Agama (Sebagai) Komoditas
Agama hadir sebagai jalan menuju kebahagiaan.
Doktrin, dogma maupun ajaran agama seperti memberi garansi tentang kebahagiaan
hidup. Bahagia adalah konsepsi yang abstrak, tak dapat diraba kecuali gejala
yang tampak dari orang yang dianggap bahagia.

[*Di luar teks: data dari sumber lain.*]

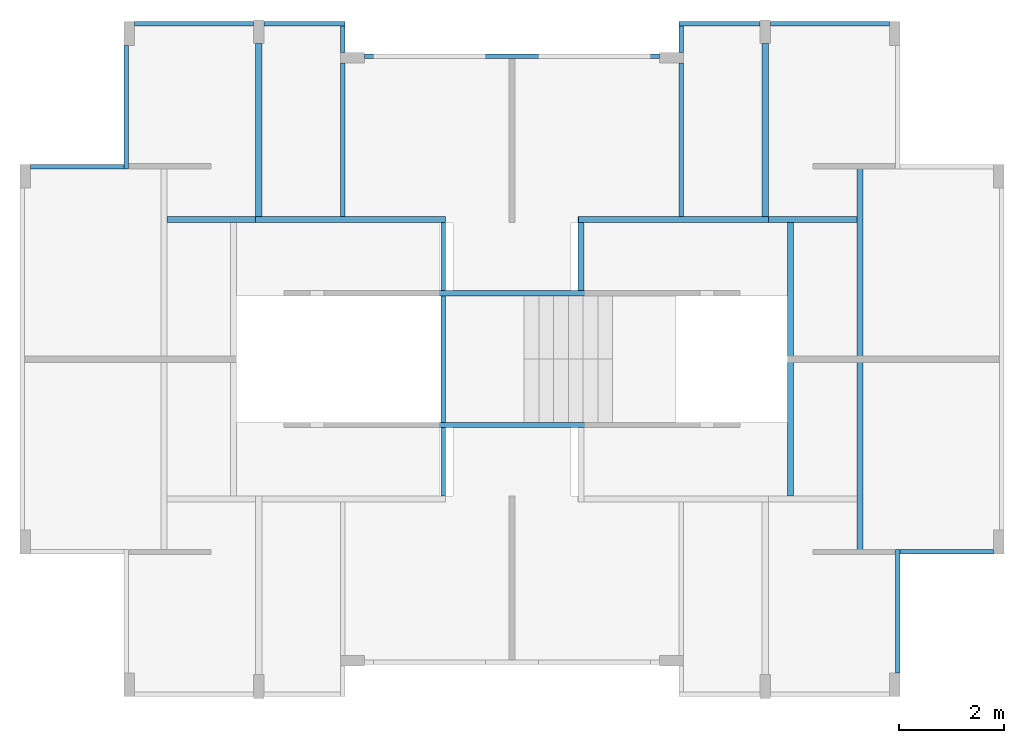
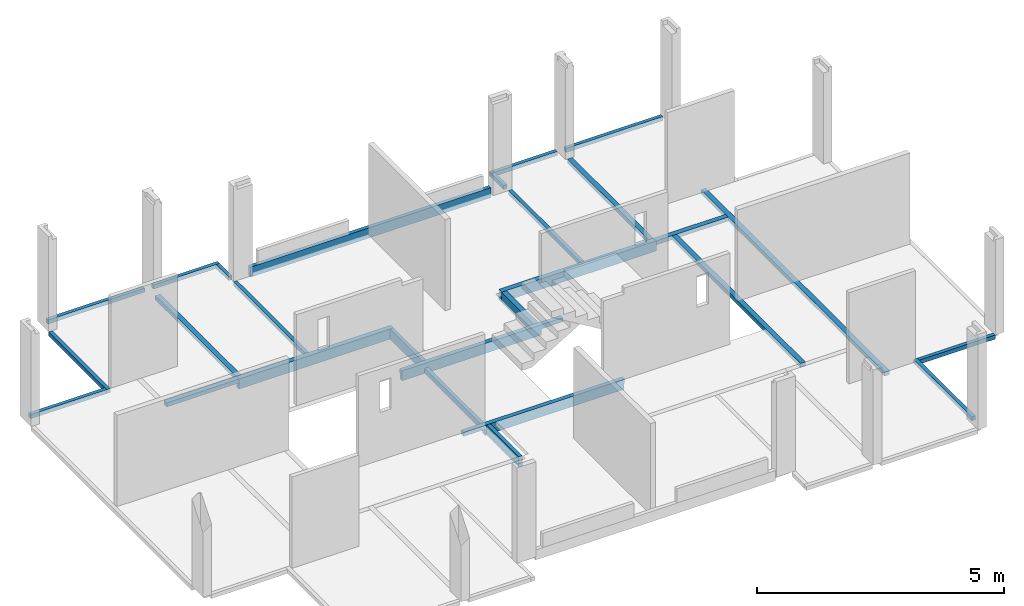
# One storey, part 2 of 6: 21 beams.
"""IFC4 building model written with IfcOpenShell, lengths in metres."""

from ifc_helpers import new_model, entity, si_unit, converted_unit, derived_unit, direction, frame, origin, place, context, subcontext, project, spatial, indexed_curve, outline, extrude, source, transform, mapped, material, type_object, type_shapes, element, save


model = new_model("IFC4")

# Units and contexts
model_context = context("Model", 3, precision=1e-05, world=origin(), true_north=direction((6.123031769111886e-17, 1.0)))
body_context = subcontext(model_context, "Body", "Model", "MODEL_VIEW")
ifc_project = project(units=[si_unit("LENGTHUNIT", "METRE"), si_unit("AREAUNIT", "SQUARE_METRE"), si_unit("VOLUMEUNIT", "CUBIC_METRE"), converted_unit("PLANEANGLEUNIT", "DEGREE", entity("IfcRatioMeasure", 0.017453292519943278), si_unit("PLANEANGLEUNIT", "RADIAN"), dimensions=[0, 0, 0, 0, 0, 0, 0]), si_unit("MASSUNIT", "GRAM", prefix="KILO"), derived_unit("MASSDENSITYUNIT", [(si_unit("MASSUNIT", "GRAM", prefix="KILO"), 1), (si_unit("LENGTHUNIT", "METRE"), -3)]), derived_unit("IONCONCENTRATIONUNIT", [(si_unit("MASSUNIT", "GRAM", prefix="KILO"), 1), (si_unit("LENGTHUNIT", "METRE"), -3)]), derived_unit("MOMENTOFINERTIAUNIT", [(si_unit("LENGTHUNIT", "METRE"), 4)]), si_unit("TIMEUNIT", "SECOND"), si_unit("FREQUENCYUNIT", "HERTZ"), si_unit("THERMODYNAMICTEMPERATUREUNIT", "DEGREE_CELSIUS"), derived_unit("THERMALTRANSMITTANCEUNIT", [(si_unit("MASSUNIT", "GRAM", prefix="KILO"), 1), (si_unit("THERMODYNAMICTEMPERATUREUNIT", "KELVIN"), -1), (si_unit("TIMEUNIT", "SECOND"), -3)]), derived_unit("THERMALCONDUCTANCEUNIT", [(si_unit("MASSUNIT", "GRAM", prefix="KILO"), 1), (si_unit("THERMODYNAMICTEMPERATUREUNIT", "KELVIN"), -1), (si_unit("TIMEUNIT", "SECOND"), -3), (si_unit("LENGTHUNIT", "METRE"), 1)]), derived_unit("VOLUMETRICFLOWRATEUNIT", [(si_unit("LENGTHUNIT", "METRE"), 3), (si_unit("TIMEUNIT", "SECOND"), -1)]), derived_unit("MASSFLOWRATEUNIT", [(si_unit("MASSUNIT", "GRAM", prefix="KILO"), 1), (si_unit("TIMEUNIT", "SECOND"), -1)]), derived_unit("ROTATIONALFREQUENCYUNIT", [(si_unit("TIMEUNIT", "SECOND"), -1)]), si_unit("ELECTRICCURRENTUNIT", "AMPERE"), si_unit("ELECTRICVOLTAGEUNIT", "VOLT"), si_unit("POWERUNIT", "WATT"), si_unit("FORCEUNIT", "NEWTON", prefix="KILO"), si_unit("ILLUMINANCEUNIT", "LUX"), si_unit("LUMINOUSFLUXUNIT", "LUMEN"), si_unit("LUMINOUSINTENSITYUNIT", "CANDELA"), derived_unit("USERDEFINED", [(si_unit("MASSUNIT", "GRAM", prefix="KILO"), -1), (si_unit("LENGTHUNIT", "METRE"), -2), (si_unit("TIMEUNIT", "SECOND"), 3), (si_unit("LUMINOUSFLUXUNIT", "LUMEN"), 1)]), derived_unit("USERDEFINED", [(si_unit("MASSUNIT", "GRAM", prefix="KILO"), 1), (si_unit("TIMEUNIT", "SECOND"), -3), (si_unit("LENGTHUNIT", "METRE"), 3), (si_unit("ELECTRICCURRENTUNIT", "AMPERE"), -2)]), derived_unit("SOUNDPOWERUNIT", [(si_unit("MASSUNIT", "GRAM", prefix="KILO"), 1), (si_unit("TIMEUNIT", "SECOND"), -3), (si_unit("LENGTHUNIT", "METRE"), 2)]), derived_unit("SOUNDPRESSUREUNIT", [(si_unit("MASSUNIT", "GRAM", prefix="KILO"), 1), (si_unit("LENGTHUNIT", "METRE"), -1), (si_unit("TIMEUNIT", "SECOND"), -2)]), derived_unit("LINEARVELOCITYUNIT", [(si_unit("LENGTHUNIT", "METRE"), 1), (si_unit("TIMEUNIT", "SECOND"), -1)]), si_unit("PRESSUREUNIT", "PASCAL"), derived_unit("USERDEFINED", [(si_unit("MASSUNIT", "GRAM", prefix="KILO"), 1), (si_unit("LENGTHUNIT", "METRE"), -2), (si_unit("TIMEUNIT", "SECOND"), -2)]), derived_unit("LINEARFORCEUNIT", [(si_unit("MASSUNIT", "GRAM", prefix="KILO"), 1), (si_unit("TIMEUNIT", "SECOND"), -2)]), derived_unit("PLANARFORCEUNIT", [(si_unit("MASSUNIT", "GRAM", prefix="KILO"), 1), (si_unit("LENGTHUNIT", "METRE"), -1), (si_unit("TIMEUNIT", "SECOND"), -2)]), derived_unit("SPECIFICHEATCAPACITYUNIT", [(si_unit("THERMODYNAMICTEMPERATUREUNIT", "KELVIN"), -1), (si_unit("LENGTHUNIT", "METRE"), 2), (si_unit("TIMEUNIT", "SECOND"), -2)]), derived_unit("HEATINGVALUEUNIT", [(si_unit("LENGTHUNIT", "METRE"), 2), (si_unit("TIMEUNIT", "SECOND"), -2)]), derived_unit("VAPORPERMEABILITYUNIT", [(si_unit("LENGTHUNIT", "METRE"), -1), (si_unit("TIMEUNIT", "SECOND"), 1)]), derived_unit("DYNAMICVISCOSITYUNIT", [(si_unit("MASSUNIT", "GRAM", prefix="KILO"), 1), (si_unit("TIMEUNIT", "SECOND"), -1), (si_unit("LENGTHUNIT", "METRE"), -1)]), derived_unit("THERMALEXPANSIONCOEFFICIENTUNIT", [(si_unit("THERMODYNAMICTEMPERATUREUNIT", "KELVIN"), -1)]), derived_unit("MODULUSOFELASTICITYUNIT", [(si_unit("MASSUNIT", "GRAM", prefix="KILO"), 1), (si_unit("LENGTHUNIT", "METRE"), -1), (si_unit("TIMEUNIT", "SECOND"), -2)]), derived_unit("ISOTHERMALMOISTURECAPACITYUNIT", [(si_unit("LENGTHUNIT", "METRE"), 3), (si_unit("MASSUNIT", "GRAM", prefix="KILO"), -1)]), derived_unit("MOISTUREDIFFUSIVITYUNIT", [(si_unit("TIMEUNIT", "SECOND"), -1), (si_unit("LENGTHUNIT", "METRE"), 2)])], contexts=[model_context])

# Site, building, storey
site_placement = place(None, origin())
site = spatial("IfcSite", under=ifc_project, at=site_placement, Name="Default", CompositionType="ELEMENT")
building_placement = place(site_placement, origin())
building = spatial("IfcBuilding", under=site, at=building_placement, Name="Las nubes", CompositionType="ELEMENT")
storey_placement = place(building_placement, frame((0.0, 0.0, 4.700000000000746)))
storey = spatial("IfcBuildingStorey", under=building, at=storey_placement, Name="PISO 3", CompositionType="ELEMENT", Elevation=4.700000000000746)

# Beams
ifc_material_1 = material(Name="Concrete - Cast-in-Place Concrete - 35 MPa", Category="Materials")
beam_type_1 = type_object("IfcBeamType", Name="M_Concrete-Rectangular Beam:(0.10x0.25)", PredefinedType="BEAM", material=ifc_material_1)
shared_shape_1 = source(origin(), body_context, "Body", "SweptSolid", [
    extrude(outline(indexed_curve([(-1.9263636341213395, -0.09772727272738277), (-1.4263636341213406, -0.09772727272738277), (-1.4213636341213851, -0.09772727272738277), (-1.3913636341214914, -0.09772727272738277), (-1.3063636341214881, -0.09772727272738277), (-1.166363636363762, -0.09772727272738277), (1.073636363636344, -0.09772727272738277), (1.208636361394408, -0.09772727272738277), (1.3236363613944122, -0.09772727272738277), (1.3286363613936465, -0.09772727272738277), (1.8336363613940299, -0.09772727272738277), (1.8336363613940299, 0.0022727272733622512), (1.823636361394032, 0.0022727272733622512), (1.823636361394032, 0.15227272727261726), (1.3336363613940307, 0.15227272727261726), (1.3236363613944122, 0.15227272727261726), (1.208636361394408, 0.15227272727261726), (-1.306363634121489, 0.15227272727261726), (-1.3913636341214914, 0.15227272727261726), (-1.4263636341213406, 0.1522727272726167), (-1.4263636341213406, 0.0022727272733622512), (-1.9263636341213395, 0.002272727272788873), (-1.9263636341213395, -0.09772727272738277)], self_intersect=False)), frame((9.368863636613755, -7.725000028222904, 4.602272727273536), z_axis=(0.0, 1.0, 0.0), x_axis=(1.0, 0.0, 0.0)), (0.0, 0.0, 1.0), 0.10000000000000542),
])
type_shapes(beam_type_1, [shared_shape_1])
beam_1_placement = place(storey_placement, frame((0.0, 0.0, -4.700000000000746)))
element("IfcBeam", 1, at=beam_1_placement, inside=storey, type_object=beam_type_1, material=ifc_material_1, Name="M_Concrete-Rectangular Beam:(0.10x0.25)", ObjectType="M_Concrete-Rectangular Beam:(0.10x0.25)", PredefinedType="BEAM", context=body_context, shape_type="MappedRepresentation", body=[
    mapped(shared_shape_1, transform((0.0, 0.0, 0.0), scale=1.0)),
])
beam_type_2 = type_object("IfcBeamType", Name="M_Concrete-Rectangular Beam:(0.10x0.25)", PredefinedType="BEAM", material=ifc_material_1)
shared_shape_2 = source(origin(), body_context, "Body", "SweptSolid", [
    extrude(outline(indexed_curve([(-0.1100000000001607, -2.285333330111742), (-0.009999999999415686, -2.285333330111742), (-0.009999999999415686, -1.785333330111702), (0.1399999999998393, -1.785333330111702), (0.1399999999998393, 0.8546666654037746), (0.1399999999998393, 0.9396666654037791), (0.1399999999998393, 0.9746666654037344), (0.13999999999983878, 1.4646666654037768), (-0.009999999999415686, 1.4646666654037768), (-0.009999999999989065, 1.4746666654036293), (-0.1100000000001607, 1.4746666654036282), (-0.1100000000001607, 0.9746666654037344), (-0.1100000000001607, 0.9396666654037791), (-0.1100000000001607, -0.6353333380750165), (-0.1100000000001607, -1.785333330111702), (-0.1100000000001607, -2.285333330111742)], self_intersect=False)), frame((8.917166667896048, -5.22500002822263, 4.5900000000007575), z_axis=(0.0, 1.0, 0.0), x_axis=(0.0, 0.0, -1.0)), (0.0, 0.0, 1.0), 0.10000000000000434),
])
type_shapes(beam_type_2, [shared_shape_2])
beam_2_placement = place(storey_placement, frame((0.0, 0.0, -4.700000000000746)))
element("IfcBeam", 2, at=beam_2_placement, inside=storey, type_object=beam_type_2, material=ifc_material_1, Name="M_Concrete-Rectangular Beam:(0.10x0.25)", ObjectType="M_Concrete-Rectangular Beam:(0.10x0.25)", PredefinedType="BEAM", context=body_context, shape_type="MappedRepresentation", body=[
    mapped(shared_shape_2, transform((0.0, 0.0, 0.0), scale=1.0)),
])
ifc_material_2 = material(Name="Concrete, Cast In Situ", Category="Materials")
beam_type_3 = type_object("IfcBeamType", Name="M_Concrete-Rectangular Beam:(0.085x0.10)", PredefinedType="BEAM", material=ifc_material_2)
shared_shape_3 = source(origin(), body_context, "Body", "SweptSolid", [
    extrude(outline(indexed_curve([(-0.04250000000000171, -0.05), (0.04250000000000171, -0.05), (0.04250000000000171, 0.05), (-0.04250000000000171, 0.05), (-0.04250000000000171, -0.05)], self_intersect=False)), frame((1.9899999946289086, -2.810000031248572, 4.650000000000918), z_axis=(0.0, 1.0, 0.0), x_axis=(-1.0, 0.0, 0.0)), (0.0, 0.0, 1.0), 2.3500000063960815),
])
type_shapes(beam_type_3, [shared_shape_3])
beam_3_placement = place(storey_placement, frame((0.0, 0.0, -4.700000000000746)))
element("IfcBeam", 3, at=beam_3_placement, inside=storey, type_object=beam_type_3, material=ifc_material_2, Name="M_Concrete-Rectangular Beam:(0.085x0.10)", ObjectType="M_Concrete-Rectangular Beam:(0.085x0.10)", PredefinedType="BEAM", context=body_context, shape_type="MappedRepresentation", body=[
    mapped(shared_shape_3, transform((0.0, 0.0, 0.0), scale=1.0)),
])
beam_type_4 = type_object("IfcBeamType", Name="M_Concrete-Rectangular Beam:(0.085x0.10)", PredefinedType="BEAM", material=ifc_material_2)
shared_shape_4 = source(origin(), body_context, "Body", "SweptSolid", [
    extrude(outline(indexed_curve([(-0.042500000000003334, -0.05), (0.042499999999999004, -0.05), (0.042499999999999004, 0.05), (-0.042500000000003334, 0.05), (-0.042500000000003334, -0.05)], self_intersect=False)), frame((16.655000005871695, -12.390000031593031, 4.650000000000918), z_axis=(0.0, 1.0, 0.0), x_axis=(-1.0, 0.0, 0.0)), (0.0, 0.0, 1.0), 2.3500028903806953),
])
type_shapes(beam_type_4, [shared_shape_4])
beam_4_placement = place(storey_placement, frame((0.0, 0.0, -4.700000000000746)))
element("IfcBeam", 4, at=beam_4_placement, inside=storey, type_object=beam_type_4, material=ifc_material_2, Name="M_Concrete-Rectangular Beam:(0.085x0.10)", ObjectType="M_Concrete-Rectangular Beam:(0.085x0.10)", PredefinedType="BEAM", context=body_context, shape_type="MappedRepresentation", body=[
    mapped(shared_shape_4, transform((0.0, 0.0, 0.0), scale=1.0)),
])
ifc_material_3 = material(Name="Concrete - Cast-in-Place Concrete - 28 MPa SLAB", Category="Materials")
beam_type_5 = type_object("IfcBeamType", Name="M_Concrete-Rectangular Beam:(0.085x0.10)", PredefinedType="BEAM", material=ifc_material_3)
shared_shape_5 = source(origin(), body_context, "Body", "SweptSolid", [
    extrude(outline(indexed_curve([(-0.050000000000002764, -0.04249999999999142), (0.04999999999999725, -0.042500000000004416), (0.050000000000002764, 0.04249999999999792), (-0.04999999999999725, 0.042500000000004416), (-0.050000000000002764, -0.04249999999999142)], self_intersect=False)), frame((16.697500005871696, -10.082497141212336, 4.650000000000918), z_axis=(1.0, 0.0, 0.0), x_axis=(0.0, 0.0, -1.0)), (0.0, 0.0, 1.0), 1.7749999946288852),
])
type_shapes(beam_type_5, [shared_shape_5])
beam_5_placement = place(storey_placement, frame((0.0, 0.0, -4.700000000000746)))
element("IfcBeam", 5, at=beam_5_placement, inside=storey, type_object=beam_type_5, material=ifc_material_3, Name="M_Concrete-Rectangular Beam:(0.085x0.10)", ObjectType="M_Concrete-Rectangular Beam:(0.085x0.10)", PredefinedType="BEAM", context=body_context, shape_type="MappedRepresentation", body=[
    mapped(shared_shape_5, transform((0.0, 0.0, 0.0), scale=1.0)),
])
beam_type_6 = type_object("IfcBeamType", Name="M_Concrete-Rectangular Beam:(0.085x0.25)", PredefinedType="BEAM", material=ifc_material_2)
shared_shape_6 = source(origin(), body_context, "Body", "SweptSolid", [
    extrude(outline(indexed_curve([(-0.04250000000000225, -0.12499999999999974), (0.04250000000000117, -0.12499999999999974), (0.04250000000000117, 0.12500000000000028), (-0.04250000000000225, 0.12500000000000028), (-0.04250000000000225, -0.12499999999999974)], self_intersect=False)), frame((8.020000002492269, -5.125000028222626, 4.575000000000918), z_axis=(0.0, 1.0, 0.0), x_axis=(-1.0, 0.0, 0.0)), (0.0, 0.0, 1.0), 1.3000000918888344),
    extrude(outline(indexed_curve([(-0.04250000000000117, -0.12499999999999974), (0.04250000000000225, -0.12499999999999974), (0.04250000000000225, 0.12500000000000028), (-0.04250000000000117, 0.12500000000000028), (-0.04250000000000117, -0.12499999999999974)], self_intersect=False)), frame((8.020000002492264, -9.025000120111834, 4.575000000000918), z_axis=(0.0, 1.0, 0.0), x_axis=(-1.0, 0.0, 0.0)), (0.0, 0.0, 1.0), 1.3000000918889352),
    extrude(outline(indexed_curve([(-0.04250000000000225, -0.06499999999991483), (0.04250000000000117, -0.06499999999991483), (0.042500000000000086, 0.06499999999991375), (-0.04250000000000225, 0.06499999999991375), (-0.04250000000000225, -0.06499999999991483)], self_intersect=False)), frame((8.020000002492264, -7.6250000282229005, 4.515000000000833), z_axis=(0.0, 1.0, 0.0), x_axis=(-1.0, 0.0, 0.0)), (0.0, 0.0, 1.0), 2.4000000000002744),
])
type_shapes(beam_type_6, [shared_shape_6])
beam_6_placement = place(storey_placement, frame((0.0, 0.0, -4.700000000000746)))
element("IfcBeam", 6, at=beam_6_placement, inside=storey, type_object=beam_type_6, material=ifc_material_2, Name="M_Concrete-Rectangular Beam:(0.085x0.25)", ObjectType="M_Concrete-Rectangular Beam:(0.085x0.25)", PredefinedType="BEAM", context=body_context, shape_type="MappedRepresentation", body=[
    mapped(shared_shape_6, transform((0.0, 0.0, 0.0), scale=1.0)),
])
beam_type_7 = type_object("IfcBeamType", Name="M_Concrete-Rectangular Beam:(0.115x0.25)", PredefinedType="BEAM", material=ifc_material_2)
shared_shape_7 = source(origin(), body_context, "Body", "SweptSolid", [
    extrude(outline(indexed_curve([(-0.12500000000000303, -0.05749999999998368), (0.124999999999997, -0.0575000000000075), (0.12500000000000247, 0.05749999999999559), (-0.12499999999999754, 0.0575000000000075), (-0.12500000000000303, -0.05749999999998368)], self_intersect=False)), frame((8.062500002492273, -3.7674999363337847, 4.575000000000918), z_axis=(-1.0, 0.0, 0.0), x_axis=(0.0, 0.0, -1.0)), (0.0, 0.0, 1.0), 3.610000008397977),
])
type_shapes(beam_type_7, [shared_shape_7])
beam_7_placement = place(storey_placement, frame((0.0, 0.0, -4.700000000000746)))
element("IfcBeam", 7, at=beam_7_placement, inside=storey, type_object=beam_type_7, material=ifc_material_2, Name="M_Concrete-Rectangular Beam:(0.115x0.25)", ObjectType="M_Concrete-Rectangular Beam:(0.115x0.25)", PredefinedType="BEAM", context=body_context, shape_type="MappedRepresentation", body=[
    mapped(shared_shape_7, transform((0.0, 0.0, 0.0), scale=1.0)),
])
beam_type_8 = type_object("IfcBeamType", Name="M_Concrete-Rectangular Beam:(0.115x0.25)", PredefinedType="BEAM", material=ifc_material_2)
shared_shape_8 = source(origin(), body_context, "Body", "SweptSolid", [
    extrude(outline(indexed_curve([(-0.14499999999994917, -1.1205000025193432), (0.004999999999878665, -1.1205000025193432), (0.004999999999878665, -1.1155000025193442), (0.1050000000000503, -1.1155000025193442), (0.1050000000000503, -1.005500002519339), (0.1050000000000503, -1.000500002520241), (0.1050000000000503, 2.494500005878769), (0.004999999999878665, 2.494500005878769), (-0.14499999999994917, 2.494500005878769), (-0.14499999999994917, -1.005500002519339), (-0.14499999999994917, -1.1205000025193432)], self_intersect=False)), frame((11.698000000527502, -3.824999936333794, 4.5950000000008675), z_axis=(0.0, 1.0, 0.0), x_axis=(0.0, 0.0, 1.0)), (0.0, 0.0, 1.0), 0.1150000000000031),
])
type_shapes(beam_type_8, [shared_shape_8])
beam_8_placement = place(storey_placement, frame((0.0, 0.0, -4.700000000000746)))
element("IfcBeam", 8, at=beam_8_placement, inside=storey, type_object=beam_type_8, material=ifc_material_2, Name="M_Concrete-Rectangular Beam:(0.115x0.25)", ObjectType="M_Concrete-Rectangular Beam:(0.115x0.25)", PredefinedType="BEAM", context=body_context, shape_type="MappedRepresentation", body=[
    mapped(shared_shape_8, transform((0.0, 0.0, 0.0), scale=1.0)),
])
beam_type_9 = type_object("IfcBeamType", Name="M_Concrete-Rectangular Beam:(0.115x0.25)", PredefinedType="BEAM", material=ifc_material_2)
shared_shape_9 = source(origin(), body_context, "Body", "SweptSolid", [
    extrude(outline(indexed_curve([(-0.05750000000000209, -0.12499999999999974), (0.05750000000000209, -0.12499999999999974), (0.05750000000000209, 0.12500000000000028), (-0.05750000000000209, 0.12500000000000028), (-0.05750000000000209, -0.12499999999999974)], self_intersect=False)), frame((10.634999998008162, -5.125000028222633, 4.575000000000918), z_axis=(0.0, 1.0, 0.0), x_axis=(-1.0, 0.0, 0.0)), (0.0, 0.0, 1.0), 1.3000000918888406),
])
type_shapes(beam_type_9, [shared_shape_9])
beam_9_placement = place(storey_placement, frame((0.0, 0.0, -4.700000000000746)))
element("IfcBeam", 9, at=beam_9_placement, inside=storey, type_object=beam_type_9, material=ifc_material_2, Name="M_Concrete-Rectangular Beam:(0.115x0.25)", ObjectType="M_Concrete-Rectangular Beam:(0.115x0.25)", PredefinedType="BEAM", context=body_context, shape_type="MappedRepresentation", body=[
    mapped(shared_shape_9, transform((0.0, 0.0, 0.0), scale=1.0)),
])
beam_type_10 = type_object("IfcBeamType", Name="M_Concrete-Rectangular Beam:(0.085x0.25)", PredefinedType="BEAM", material=ifc_material_2)
shared_shape_10 = source(origin(), body_context, "Body", "SweptSolid", [
    extrude(outline(indexed_curve([(-0.12500000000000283, -0.042499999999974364), (0.1249999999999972, -0.04250000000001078), (0.12500000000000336, 0.04249999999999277), (-0.12499999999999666, 0.04250000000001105), (-0.12500000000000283, -0.042499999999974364)], self_intersect=False)), frame((6.517499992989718, -0.6675000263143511, 4.725000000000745), z_axis=(1.0, 0.0, 0.0), x_axis=(0.0, 0.0, -1.0)), (0.0, 0.0, 1.0), 5.610000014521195),
])
type_shapes(beam_type_10, [shared_shape_10])
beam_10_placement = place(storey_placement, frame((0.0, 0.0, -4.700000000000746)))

Surga menjadi puncak kebahagiaan manusia kenapa mereka memilih untuk
memeluk sebuah agama. Religiusitas menjadi sikap yang tampak, sementara
spritualitas layaknya kebahagiaan yang abstrak itu. Maka dalam hadits, Nabi
menyindir manusia yang seolah beramal akhirat padahal ia sedang beramal dunia,
dan sebaliknya, ada manusia yang kelihatannya beramal dunia, padahal ia sesungguhnya
beramal akhirat.
Segala upaya dilakukan manusia agar hidupnya kelak berakhir di surga yang
kekal. Fitrah manusia sebagai makhluk beragama yang menyembah dzat yang agung dan
transendental (Tuhan), meyakini bahwa hidup tak hanya di dunia yang kini
dijalani, melainkan juga ada alam kehidupan berikutnya yang lebih kekal.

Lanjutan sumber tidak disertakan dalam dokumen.